> **TASK TO COMPLETE**: Exactly the lines from the beginning of the records to the line with "A CAD part, top", both ends included, are to be given again, and pictures are to be left out.

> **THE RECORDS**:

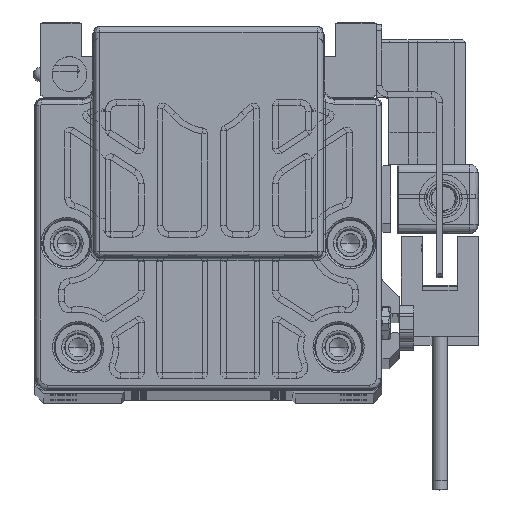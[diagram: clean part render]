
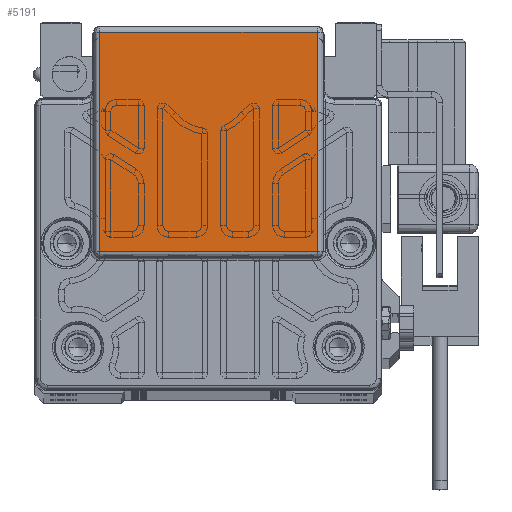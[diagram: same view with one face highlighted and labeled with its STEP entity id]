
A CAD part, top view. The second image highlights one B-rep face of the part: STEP entity #5191.
In plain terms, the highlighted planar face has unit normal (0, 0, 1) as drawn and (0, 0, -1) by its records, which use the part's own axes.
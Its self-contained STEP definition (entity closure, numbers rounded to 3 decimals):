
#434 = ORIENTED_EDGE ( 'NONE', *, *, #35492, .F. ) ;
#3240 = FACE_OUTER_BOUND ( 'NONE', #3871, .T. ) ;
#3871 = EDGE_LOOP ( 'NONE', ( #47861, #434, #15661, #75732 ) ) ;
#5191 = ADVANCED_FACE ( 'NONE', ( #3240 ), #27301, .T. ) ;
#6649 = DIRECTION ( 'NONE',  ( 0., -1., 0. ) ) ;
#7360 = CARTESIAN_POINT ( 'NONE',  ( -18.808, 62.447, -143. ) ) ;
#9116 = VERTEX_POINT ( 'NONE', #52227 ) ;
#10965 = CARTESIAN_POINT ( 'NONE',  ( 19., 62.447, -143. ) ) ;
#15661 = ORIENTED_EDGE ( 'NONE', *, *, #25617, .F. ) ;
#16220 = DIRECTION ( 'NONE',  ( 0., 0., -1. ) ) ;
#16904 = CARTESIAN_POINT ( 'NONE',  ( 18.808, 62.447, -143. ) ) ;
#23366 = VERTEX_POINT ( 'NONE', #62903 ) ;
#25617 = EDGE_CURVE ( 'NONE', #41227, #23366, #67375, .T. ) ;
#25839 = VECTOR ( 'NONE', #53914, 1000. ) ;
#25864 = VECTOR ( 'NONE', #6649, 1000. ) ;
#27301 = PLANE ( 'NONE',  #49292 ) ;
#29896 = LINE ( 'NONE', #10965, #25839 ) ;
#31904 = CARTESIAN_POINT ( 'NONE',  ( -18.808, 31., -143. ) ) ;
#32819 = DIRECTION ( 'NONE',  ( 0., 1., 0. ) ) ;
#34278 = CARTESIAN_POINT ( 'NONE',  ( 18.808, 24.5, -143. ) ) ;
#35492 = EDGE_CURVE ( 'NONE', #23366, #9116, #49981, .T. ) ;
#38320 = VECTOR ( 'NONE', #45711, 1000. ) ;
#41227 = VERTEX_POINT ( 'NONE', #7360 ) ;
#44066 = CARTESIAN_POINT ( 'NONE',  ( 19., 24.518, -143. ) ) ;
#44451 = DIRECTION ( 'NONE',  ( 1., 0., 0. ) ) ;
#45711 = DIRECTION ( 'NONE',  ( 0., 1., 0. ) ) ;
#47861 = ORIENTED_EDGE ( 'NONE', *, *, #57113, .F. ) ;
#49292 = AXIS2_PLACEMENT_3D ( 'NONE', #63535, #16220, #32819 ) ;
#49981 = LINE ( 'NONE', #44066, #66370 ) ;
#52227 = CARTESIAN_POINT ( 'NONE',  ( 18.808, 24.518, -143. ) ) ;
#53914 = DIRECTION ( 'NONE',  ( 1., 0., 0. ) ) ;
#55056 = VERTEX_POINT ( 'NONE', #16904 ) ;
#57113 = EDGE_CURVE ( 'NONE', #9116, #55056, #58291, .T. ) ;
#58291 = LINE ( 'NONE', #34278, #38320 ) ;
#62903 = CARTESIAN_POINT ( 'NONE',  ( -18.808, 24.518, -143. ) ) ;
#63535 = CARTESIAN_POINT ( 'NONE',  ( 19., 24.5, -143. ) ) ;
#66370 = VECTOR ( 'NONE', #44451, 1000. ) ;
#67375 = LINE ( 'NONE', #31904, #25864 ) ;
#75732 = ORIENTED_EDGE ( 'NONE', *, *, #75934, .T. ) ;
#75934 = EDGE_CURVE ( 'NONE', #41227, #55056, #29896, .T. ) ;

> **EXERCISE ANSWER**:
[diagram: clean part render]
[diagram: same view with one face highlighted and labeled with its STEP entity id]
A CAD part, top view. The second image highlights one B-rep face of the part: STEP entity #5191.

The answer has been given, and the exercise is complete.